Finally. Mississippi will soon have the freedom to brew their own beer with out the threat of jail time. Mississippi Governor Phil Bryant has signed legislation to that end.
Grassroots organization Raise Your Pints has been working diligently to help get this law passed. Congratulations Mississippi! Alabama… We are still sorry.
Title: AN ACT TO AMEND SECTION 67-3-11, MISSISSIPPI CODE OF 1972, TO PROVIDE THAT EVERY PERSON SHALL HAVE THE RIGHT TO MAKE HOMEMADE BEER FOR PERSONAL, FAMILY, DOMESTIC OR HOUSEHOLD PURPOSES IF THE BEER IS MADE IN A COUNTY OR MUNICIPALITY IN WHICH THE POSSESSION OF LIGHT WINE OR BEER IS LAWFUL; TO LIMIT THE AMOUNT OF HOMEMADE BEER THAT MAY BE MADE BY ANY PERSON IN A CALENDAR YEAR; TO AUTHORIZE HOMEMADE BEER; TO AUTHORIZE THE TRANSPORT OF HOMEMADE BEER FROM THE PREMISES WHERE MADE ONLY FOR THE PURPOSE OF PARTICIPATING IN A BONA FIDE EXHIBITION, CONTEST OR COMPETITION WHERE HOMEMADE BEER IS BEING TASTED AND JUDGED; TO MAKE IT CLEAR THAT HOMEMADE BEER MAY NOT BE SOLD; TO AMEND SECTIONS 67-3-7, 67-3-13 AND 67-3-15, MISSISSIPPI CODE OF 1972, IN CONFORMITY THERETO; AND FOR RELATED PURPOSES.
From the Brewer’s Association:
Boulder, CO â— March 19, 2013 — The American Homebrewers Association (AHA) is pleased to announce that Mississippi Governor Phil Bryant has signed a bill that will effectively legalize homebrewing throughout the state. Mississippi is now the 49th state to permit homebrewing. A Senate version of the bill passed in early February and it was then voted on by the State House of Representatives in March.
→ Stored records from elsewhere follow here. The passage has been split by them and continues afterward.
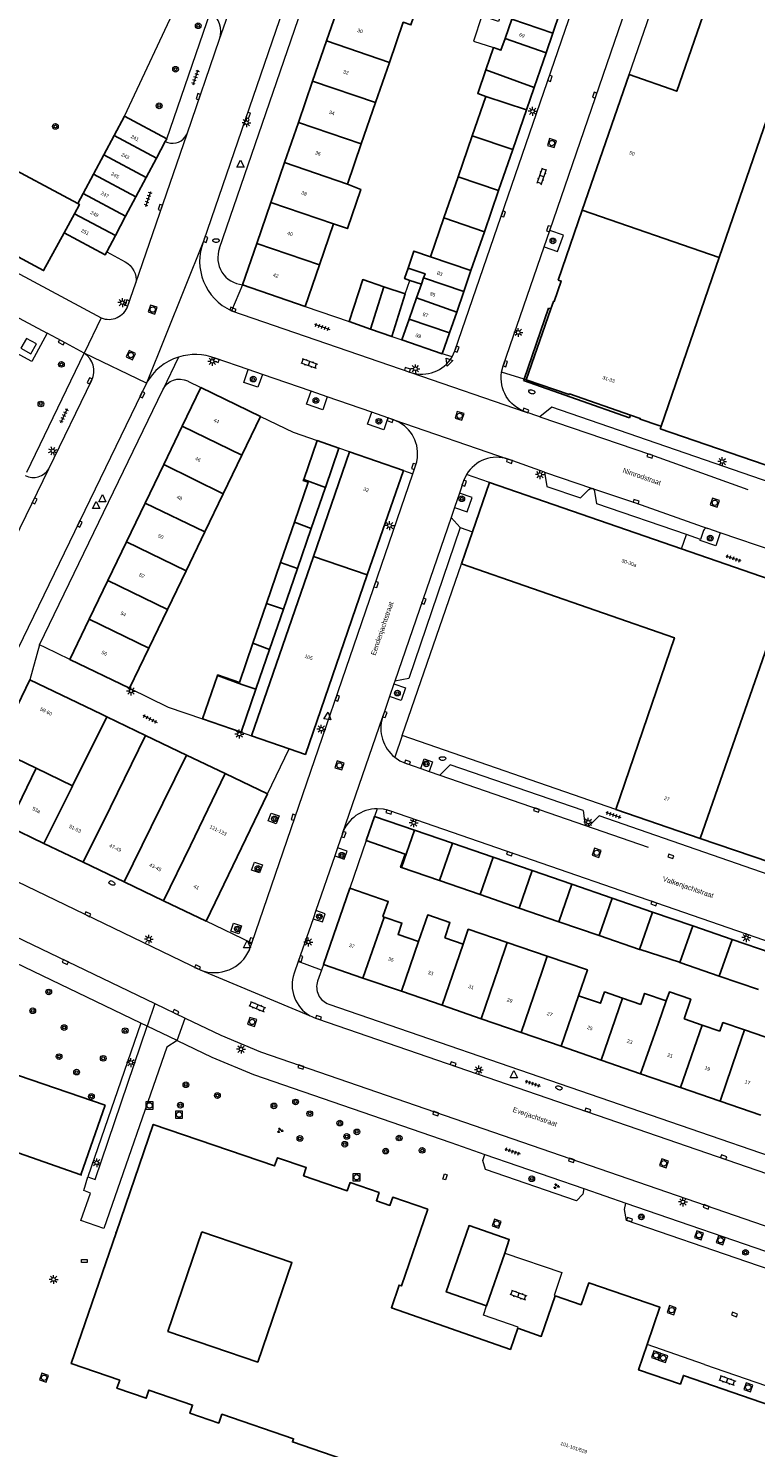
# Model space of a CAD drawing. Extents: x 131101 to 132041, y 397511 to 398853.
# Tile 38 of 80: x 131438 to 131540, y 398202 to 398401. Entities that reach past the tile are written whole.
import ezdxf
from ezdxf.enums import TextEntityAlignment as Align

# ---------------------------------------------------------------- set-up
doc = ezdxf.new("R2010")
doc.units = 0
doc.linetypes.add('DGN Style 1', pattern=[30.960434, 0.051515, -30.90892])
doc.linetypes.add('DGN Style 2', pattern=[51.514866, 30.90892, -20.605946])
doc.layers.add('_vervallen situatie', color=250, linetype='Continuous', lineweight=9, plot=False)
for name, color, linetype, lineweight in [('gg-afsc-erfafscheiding', 250, 'Continuous', 9), ('gg-afsc-hekwerk', 250, 'Continuous', 9), ('gg-afsc-muur', 250, 'Continuous', 9), ('gg-bbg-bijgebouw', 10, 'Continuous', 25), ('gg-bbg-gedigitaliseerde bebouwing', 10, 'Continuous', 25), ('gg-bbg-gedigitaliseerde bijgebouw', 10, 'Continuous', 25), ('gg-bbg-hoofdgebouw', 10, 'Continuous', 25), ('gg-bbg-onder overbouw', 10, 'Continuous', 25), ('gg-bbg-pand overbouw', 10, 'DGN Style 2', 25), ('gg-bbg-tussenscheiding', 10, 'Continuous', 25), ('gg-knt-verharding', 250, 'Continuous', 9), ('gg-knt-verharding nz', 250, 'DGN Style 2', 9), ('gg-kwrk-afval apart plaats', 250, 'Continuous', 9), ('gt-grn-groengrens', 250, 'Continuous', 9), ('gt-grn-vlakafsluiter', 250, 'DGN Style 1', 9), ('gt-grn-weggrens', 250, 'Continuous', 9), ('gt-symb-boom', 250, 'Continuous', 9), ('gt-symb-brandkraan', 250, 'Continuous', 9), ('gt-symb-groenvak', 250, 'Continuous', 9), ('gt-symb-klinker verharding', 250, 'Continuous', 9), ('gt-symb-kolk', 250, 'Continuous', 9), ('gt-symb-kolk center center', 250, 'Continuous', 9), ('gt-symb-lichtmast', 250, 'Continuous', 9), ('gt-symb-rioolschacht', 250, 'Continuous', 9), ('gt-symb-tegel verharding', 250, 'Continuous', 9), ('gt-symb-waterafsluiter', 250, 'Continuous', 9), ('X-AL-huisnummers', 2, 'Continuous', 25), ('X-AL-straatnaam', 3, 'Continuous', 35)]:
    doc.layers.add(name, color=color, linetype=linetype, lineweight=lineweight)
doc.styles.add('CS Annotative', font='arial.ttf')

# ---------------------------------------------------------------- blocks, each defined once
blk = doc.blocks.new('gt0-LMAST')
at = {"layer": 'gt-symb-lichtmast'}
for p, q in [((-0.18, 0.17), (-0.45, 0.44)), ((-0.01, 0.25), (-0.01, 0.62)), ((0.17, 0.17), (0.44, 0.44)), ((-0.26, 0), (-0.63, 0)), ((-0.18, -0.18), (-0.45, -0.45)), ((-0.01, -0.25), (-0.01, -0.63)), ((0.44, -0.45), (0.17, -0.18)), ((0.24, 0), (0.62, 0))]:
    blk.add_line(p, q, dxfattribs=at)
blk.add_circle((-0.01, 0), 0.25, dxfattribs=at)
blk = doc.blocks.new('gt0-RS')
at = {"layer": 'gt-symb-rioolschacht', "flags": 128}
blk.add_lwpolyline([(-0.5, -0.5), (0.5, -0.5), (0.5, 0.5), (-0.5, 0.5), (-0.5, -0.5)], close=True, dxfattribs=at)
at = {"layer": 'gt-symb-rioolschacht'}
blk.add_circle((0, 0), 0.375, dxfattribs=at)
blk = doc.blocks.new('gt0-KL1')
at = {"layer": 'gt-symb-klinker verharding'}
for p, q in [((-1.15, 0.3), (1.15, 0.3)), ((-1, -0.3), (-1, 0.3)), ((-0.5, 0.3), (-0.5, 0.45)), ((0, -0.3), (0, 0.3)), ((0.5, 0.3), (0.5, 0.45)), ((1, -0.3), (1, 0.3)), ((-1.15, -0.3), (1.15, -0.3)), ((-0.5, -0.45), (-0.5, -0.3)), ((0.5, -0.45), (0.5, -0.3))]:
    blk.add_line(p, q, dxfattribs=at)
blk = doc.blocks.new('gt0-KOLK')
at = {"layer": 'gt-symb-kolk', "flags": 128}
blk.add_lwpolyline([(0, 0), (0.38, 0), (0.38, 0.4), (-0.38, 0.4), (-0.38, 0), (0, 0)], dxfattribs=at)
blk = doc.blocks.new('gt0-BOOM')
at = {"layer": 'gt-symb-boom'}
for radius in [0.4, 0.2]:
    blk.add_circle((0, 0), radius, dxfattribs=at)
blk = doc.blocks.new('gt0-TEG1')
at = {"layer": 'gt-symb-tegel verharding'}
for p, q in [((-1.12, 0), (1.12, 0)), ((-0.9, -0.25), (-0.9, 0.25)), ((-0.45, -0.25), (-0.45, 0.25)), ((0, -0.25), (0, 0.25)), ((0.45, -0.25), (0.45, 0.25)), ((0.9, -0.25), (0.9, 0.25))]:
    blk.add_line(p, q, dxfattribs=at)
blk = doc.blocks.new('gt0-WAFSL')
at = {"layer": 'gt-symb-waterafsluiter'}
for p, q in [((-0.5, -0.33), (0, 0.67)), ((0, 0.67), (0.5, -0.33)), ((0.5, -0.33), (-0.5, -0.33))]:
    blk.add_line(p, q, dxfattribs=at)
blk = doc.blocks.new('gt0-GRVAK')
at = {"layer": 'gt-symb-groenvak'}
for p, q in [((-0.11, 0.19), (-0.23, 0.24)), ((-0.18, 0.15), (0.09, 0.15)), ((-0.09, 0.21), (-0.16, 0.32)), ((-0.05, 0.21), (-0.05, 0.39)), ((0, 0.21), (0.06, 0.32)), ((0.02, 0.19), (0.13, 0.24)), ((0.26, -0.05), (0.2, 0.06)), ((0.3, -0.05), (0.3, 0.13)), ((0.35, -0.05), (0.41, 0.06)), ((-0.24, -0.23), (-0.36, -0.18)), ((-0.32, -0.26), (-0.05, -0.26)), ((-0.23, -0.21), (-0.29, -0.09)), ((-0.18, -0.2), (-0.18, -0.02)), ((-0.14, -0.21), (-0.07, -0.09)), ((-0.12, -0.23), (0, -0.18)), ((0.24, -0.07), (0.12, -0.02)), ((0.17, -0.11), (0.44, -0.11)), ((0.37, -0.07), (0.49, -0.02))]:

“From our founding fathers to our current President, this country has a long and storied tradition of homebrewing,” said Gary Glass, director of the American Homebrewers Association. “We appreciate the support of all of the homebrewers, the dedicated grassroots efforts of Raise Your Pints and the legislators who have worked so diligently to make homebrewing a reality in Mississippi. We are grateful to Senator John Horhn who introduced this bill and to Governor Bryant for his quick action and support.”
The 21st Amendment predominantly leaves regulation of alcohol to the states. Therefore, even though homebrewing is federally legal, it is still up to individual states to legalize homebrewing in state codes. Prior to today’s announcement, Mississippi and Alabama were the only two states that did not allow homebrewing. The AHA will continue working with homebrewers in Alabama to legalize homebrewing.
The hobby of homebrewing has seen exponential growth in recent years. The AHA estimates that more than 1 million Americans brew beer or make wine at home at least once a year. Mississippi is home to an estimated 2,200 homebrewers who may now enjoy brewing without the restrictions of a state-wide ban.